Start of Stored data
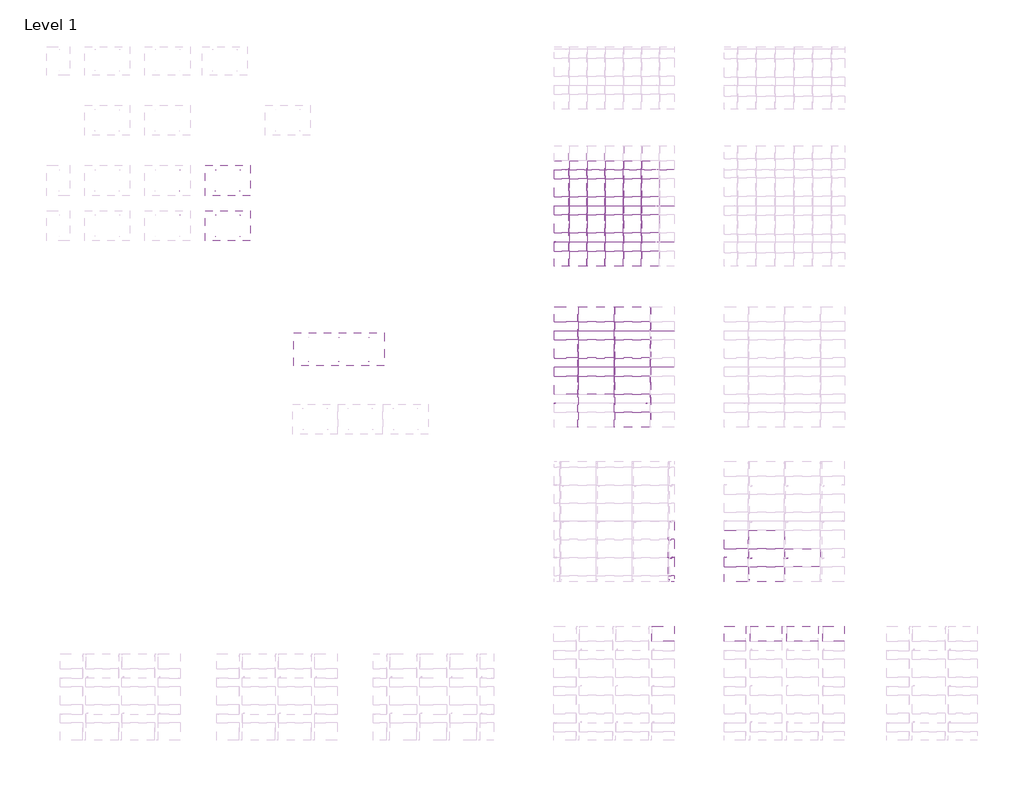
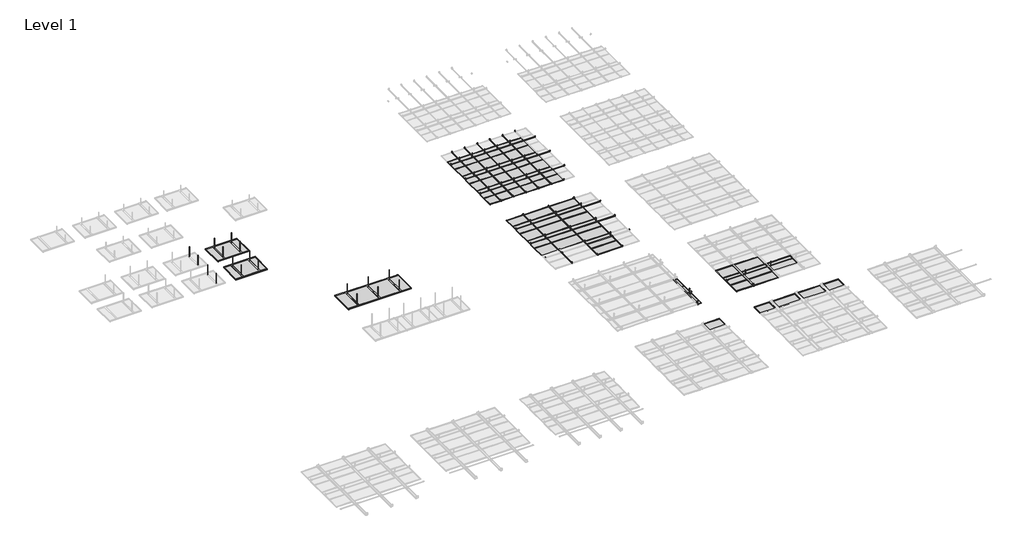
# One storey, part 19 of 32: 136 proxies.
"""IFC4 building model written with IfcOpenShell, lengths in millimetres."""

from ifc_helpers import new_model, si_unit, origin, place, context, project, spatial, transform, mapped, element, save
from components import generic_models_6a3b3989, generic_models_23599627, generic_models_52426d55, generic_models_b4e013a1, generic_models_a68d030a, generic_models_2e6f3e4f, generic_models_30bc5e68, generic_models_0902a4dc, generic_models_f1efeb4e, generic_models_8a91d987, generic_models_d8e51ee8, generic_models_84546a59, generic_models_413290ff, generic_models_9e18e937, generic_models_28f6a95c, generic_models_9ccf16c1, generic_models_38625c8c, generic_models_52b0cff2, generic_models_a15f8cf3, generic_models_f7f565fa, generic_models_7573e460, generic_models_cc1ed79e, generic_models_ab47d6b6, generic_models_cebb11cf, generic_models_ee13603d, generic_models_0cb75665, generic_models_6d21b951, generic_models_ec4af956, generic_models_f9f24abc, generic_models_de900850

model = new_model("IFC4")

# Units and contexts
model_context = context("Model", 3, world=origin())
ifc_project = project(units=[si_unit("LENGTHUNIT", "METRE", prefix="MILLI")], contexts=[model_context])

# Site, building, storey
site = spatial("IfcSite", under=ifc_project)
building = spatial("IfcBuilding", under=site)
storey = spatial("IfcBuildingStorey", under=building, Name="Level 1", Elevation=0.0)

# Proxies
placement = place(None, origin())
generic_models_shape = generic_models_6a3b3989(model_context)
element("IfcBuildingElementProxy", 1, Name="durlum_S4_panel : durlum_S4_panel_wall_length_cut", ObjectType="durlum_S4_panel : durlum_S4_panel_wall_length_cut", at=placement, inside=storey, context=model_context, shape_type="MappedRepresentation", body=[
    mapped(generic_models_shape, transform((-15490.1736977, 3132.0111467, 3700.0), x_axis=(1.0, 0.0, 0.0), y_axis=(0.0, 1.0, 0.0), z_axis=(0.0, 0.0, 1.0))),
])
element("IfcBuildingElementProxy", 2, Name="durlum_S4_panel : durlum_S4_panel_wall_length_cut", ObjectType="durlum_S4_panel : durlum_S4_panel_wall_length_cut", at=placement, inside=storey, context=model_context, shape_type="MappedRepresentation", body=[
    mapped(generic_models_shape, transform((-15490.1736977, 3732.0111467, 3700.0), x_axis=(1.0, 0.0, 0.0), y_axis=(0.0, 1.0, 0.0), z_axis=(0.0, 0.0, 1.0))),
])
element("IfcBuildingElementProxy", 3, Name="durlum_S4_panel : durlum_S4_panel_wall_length_cut", ObjectType="durlum_S4_panel : durlum_S4_panel_wall_length_cut", at=placement, inside=storey, context=model_context, shape_type="MappedRepresentation", body=[
    mapped(generic_models_shape, transform((-15490.1736977, 2532.0111467, 3700.0), x_axis=(1.0, 0.0, 0.0), y_axis=(0.0, 1.0, 0.0), z_axis=(0.0, 0.0, 1.0))),
])
generic_models_2_shape = generic_models_23599627(model_context)
element("IfcBuildingElementProxy", 4, Name="durlum_S4_panel : durlum_S4_panel_wall_corner", ObjectType="durlum_S4_panel : durlum_S4_panel_wall_corner", at=placement, inside=storey, context=model_context, shape_type="MappedRepresentation", body=[
    mapped(generic_models_2_shape, transform((-15490.1736977, 2132.0111467, 3700.0), x_axis=(1.0, 0.0, 0.0), y_axis=(0.0, 1.0, 0.0), z_axis=(0.0, 0.0, 1.0))),
])
generic_models_3_shape = generic_models_52426d55(model_context)
element("IfcBuildingElementProxy", 5, Name="durlum_dur_SOLO_RHOMBOS_TYPE1 : durlum_dur_SOLO_RHOMBOS_TYPE1", ObjectType="durlum_dur_SOLO_RHOMBOS_TYPE1 : durlum_dur_SOLO_RHOMBOS_TYPE1", at=placement, inside=storey, context=model_context, shape_type="MappedRepresentation", body=[
    mapped(generic_models_3_shape, transform((-26532.3984834, 9750.3347409, 3456.9628151), x_axis=(1.0, 0.0, 0.0), y_axis=(0.0, 1.0, 0.0), z_axis=(0.0, 0.0, 1.0))),
])
generic_models_4_shape = generic_models_b4e013a1(model_context)
element("IfcBuildingElementProxy", 6, Name="durlum_S4.7K_panel : durlum_S4.7_panel", ObjectType="durlum_S4.7K_panel : durlum_S4.7_panel", at=placement, inside=storey, context=model_context, shape_type="MappedRepresentation", body=[
    mapped(generic_models_4_shape, transform((-12336.0747393, 2832.0111467, 3700.0), x_axis=(1.0, 0.0, 0.0), y_axis=(0.0, 1.0, 0.0), z_axis=(0.0, 0.0, 1.0))),
])
element("IfcBuildingElementProxy", 7, Name="durlum_S4.7K_panel : durlum_S4.7_panel", ObjectType="durlum_S4.7K_panel : durlum_S4.7_panel", at=placement, inside=storey, context=model_context, shape_type="MappedRepresentation", body=[
    mapped(generic_models_4_shape, transform((-11136.0747393, 2832.0111467, 3700.0), x_axis=(1.0, 0.0, 0.0), y_axis=(0.0, 1.0, 0.0), z_axis=(0.0, 0.0, 1.0))),
])
element("IfcBuildingElementProxy", 8, Name="durlum_S4.7K_panel : durlum_S4.7_panel", ObjectType="durlum_S4.7K_panel : durlum_S4.7_panel", at=placement, inside=storey, context=model_context, shape_type="MappedRepresentation", body=[
    mapped(generic_models_4_shape, transform((-12336.0747393, 3432.0111467, 3700.0), x_axis=(1.0, 0.0, 0.0), y_axis=(0.0, 1.0, 0.0), z_axis=(0.0, 0.0, 1.0))),
])
generic_models_5_shape = generic_models_a68d030a(model_context)
element("IfcBuildingElementProxy", 9, Name="durlum_S4.7K_panel : durlum_S4.7_panel_wall_length_cut", ObjectType="durlum_S4.7K_panel : durlum_S4.7_panel_wall_length_cut", at=placement, inside=storey, context=model_context, shape_type="MappedRepresentation", body=[
    mapped(generic_models_5_shape, transform((-13336.0747393, 3432.0111467, 3700.0), x_axis=(1.0, 0.0, 0.0), y_axis=(0.0, 1.0, 0.0), z_axis=(0.0, 0.0, 1.0))),
])
element("IfcBuildingElementProxy", 10, Name="durlum_S4.7K_panel : durlum_S4.7_panel_wall_length_cut", ObjectType="durlum_S4.7K_panel : durlum_S4.7_panel_wall_length_cut", at=placement, inside=storey, context=model_context, shape_type="MappedRepresentation", body=[
    mapped(generic_models_5_shape, transform((-13336.0747393, 2832.0111467, 3700.0), x_axis=(1.0, 0.0, 0.0), y_axis=(0.0, 1.0, 0.0), z_axis=(0.0, 0.0, 1.0))),
])
generic_models_6_shape = generic_models_2e6f3e4f(model_context)
element("IfcBuildingElementProxy", 11, Name="durlum_S4.7K_panel : durlum_S4.7_panel_wall_width_cut", ObjectType="durlum_S4.7K_panel : durlum_S4.7_panel_wall_width_cut", at=placement, inside=storey, context=model_context, shape_type="MappedRepresentation", body=[
    mapped(generic_models_6_shape, transform((-12336.0747393, 2282.0111467, 3700.0), x_axis=(1.0, 0.0, 0.0), y_axis=(0.0, 1.0, 0.0), z_axis=(0.0, 0.0, 1.0))),
])
generic_models_7_shape = generic_models_30bc5e68(model_context)
element("IfcBuildingElementProxy", 12, Name="durlum_S4.7K_panel : durlum_S4.7_panel_wall_corner", ObjectType="durlum_S4.7K_panel : durlum_S4.7_panel_wall_corner", at=placement, inside=storey, context=model_context, shape_type="MappedRepresentation", body=[
    mapped(generic_models_7_shape, transform((-13336.0747393, 2282.0111467, 3700.0), x_axis=(1.0, 0.0, 0.0), y_axis=(0.0, 1.0, 0.0), z_axis=(0.0, 0.0, 1.0))),
])
generic_models_8_shape = generic_models_0902a4dc(model_context)
element("IfcBuildingElementProxy", 13, Name="durlum_S5-100_panel : durlum_S5-100_panel_wall_corner", ObjectType="durlum_S5-100_panel : durlum_S5-100_panel_wall_corner", at=placement, inside=storey, context=model_context, shape_type="MappedRepresentation", body=[
    mapped(generic_models_8_shape, transform((-15764.9236977, 301.7696119, 3800.0), x_axis=(1.0, 0.0, 0.0), y_axis=(0.0, 1.0, 0.0), z_axis=(0.0, 0.0, 1.0))),
])
generic_models_9_shape = generic_models_f1efeb4e(model_context)
element("IfcBuildingElementProxy", 14, Name="durlum_U1300 : durlum_U1300", ObjectType="durlum_U1300 : durlum_U1300", at=placement, inside=storey, context=model_context, shape_type="MappedRepresentation", body=[
    mapped(generic_models_9_shape, transform((-16284.1736977, 9162.5129347, 3081.9124682), x_axis=(0.0, -1.0, 0.0), y_axis=(1.0, 0.0, 0.0), z_axis=(0.0, 0.0, 1.0))),
])
element("IfcBuildingElementProxy", 15, Name="durlum_U1300 : durlum_U1300", ObjectType="durlum_U1300 : durlum_U1300", at=placement, inside=storey, context=model_context, shape_type="MappedRepresentation", body=[
    mapped(generic_models_9_shape, transform((-18684.1736977, 9162.5129347, 3081.9124682), x_axis=(0.0, -1.0, 0.0), y_axis=(1.0, 0.0, 0.0), z_axis=(0.0, 0.0, 1.0))),
])
element("IfcBuildingElementProxy", 16, Name="durlum_U1300 : durlum_U1300", ObjectType="durlum_U1300 : durlum_U1300", at=placement, inside=storey, context=model_context, shape_type="MappedRepresentation", body=[
    mapped(generic_models_9_shape, transform((-17484.1736977, 9162.5129347, 3081.9124682), x_axis=(0.0, -1.0, 0.0), y_axis=(1.0, 0.0, 0.0), z_axis=(0.0, 0.0, 1.0))),
])
element("IfcBuildingElementProxy", 17, Name="durlum_U1300 : durlum_U1300", ObjectType="durlum_U1300 : durlum_U1300", at=placement, inside=storey, context=model_context, shape_type="MappedRepresentation", body=[
    mapped(generic_models_9_shape, transform((-16284.1736977, 7962.5129347, 3081.9124682), x_axis=(0.0, -1.0, 0.0), y_axis=(1.0, 0.0, 0.0), z_axis=(0.0, 0.0, 1.0))),
])
element("IfcBuildingElementProxy", 18, Name="durlum_U1300 : durlum_U1300", ObjectType="durlum_U1300 : durlum_U1300", at=placement, inside=storey, context=model_context, shape_type="MappedRepresentation", body=[
    mapped(generic_models_9_shape, transform((-16284.1736977, 10362.5129347, 3081.9124682), x_axis=(0.0, -1.0, 0.0), y_axis=(1.0, 0.0, 0.0), z_axis=(0.0, 0.0, 1.0))),
])
element("IfcBuildingElementProxy", 19, Name="durlum_U1300 : durlum_U1300", ObjectType="durlum_U1300 : durlum_U1300", at=placement, inside=storey, context=model_context, shape_type="MappedRepresentation", body=[
    mapped(generic_models_9_shape, transform((-18684.1736977, 10362.5129347, 3081.9124682), x_axis=(0.0, -1.0, 0.0), y_axis=(1.0, 0.0, 0.0), z_axis=(0.0, 0.0, 1.0))),
])
element("IfcBuildingElementProxy", 20, Name="durlum_U1300 : durlum_U1300", ObjectType="durlum_U1300 : durlum_U1300", at=placement, inside=storey, context=model_context, shape_type="MappedRepresentation", body=[
    mapped(generic_models_9_shape, transform((-17484.1736977, 10362.5129347, 3081.9124682), x_axis=(0.0, -1.0, 0.0), y_axis=(1.0, 0.0, 0.0), z_axis=(0.0, 0.0, 1.0))),
])
generic_models_10_shape = generic_models_8a91d987(model_context)
element("IfcBuildingElementProxy", 21, Name="durlum_U1300 : durlum_U1300", ObjectType="durlum_U1300 : durlum_U1300", at=placement, inside=storey, context=model_context, shape_type="MappedRepresentation", body=[
    mapped(generic_models_10_shape, transform((-15490.1736977, 2832.0111467, 3050.4124682), x_axis=(1.0, 0.0, 0.0), y_axis=(0.0, 1.0, 0.0), z_axis=(0.0, 0.0, 1.0))),
])
generic_models_11_shape = generic_models_d8e51ee8(model_context)
element("IfcBuildingElementProxy", 22, Name="durlum_U1300 : durlum_U1300", ObjectType="durlum_U1300 : durlum_U1300", at=placement, inside=storey, context=model_context, shape_type="MappedRepresentation", body=[
    mapped(generic_models_11_shape, transform((-12836.0747393, 2832.0111467, 3056.4124682), x_axis=(1.0, 0.0, 0.0), y_axis=(0.0, 1.0, 0.0), z_axis=(0.0, 0.0, 1.0))),
])
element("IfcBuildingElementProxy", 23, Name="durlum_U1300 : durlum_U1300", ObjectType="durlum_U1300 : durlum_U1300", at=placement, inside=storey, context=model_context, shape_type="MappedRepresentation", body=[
End of Stored data
• **About this task**
The answer should contain only the lines from the start of the records above through the line with "from ifc_helpers import", copied exactly, and no pictures.

• **Result of this exercise**
# One storey, part 19 of 32: 136 proxies.
"""IFC4 building model written with IfcOpenShell, lengths in millimetres."""

from ifc_helpers import new_model, si_unit, origin, place, context, project, spatial, transform, mapped, element, save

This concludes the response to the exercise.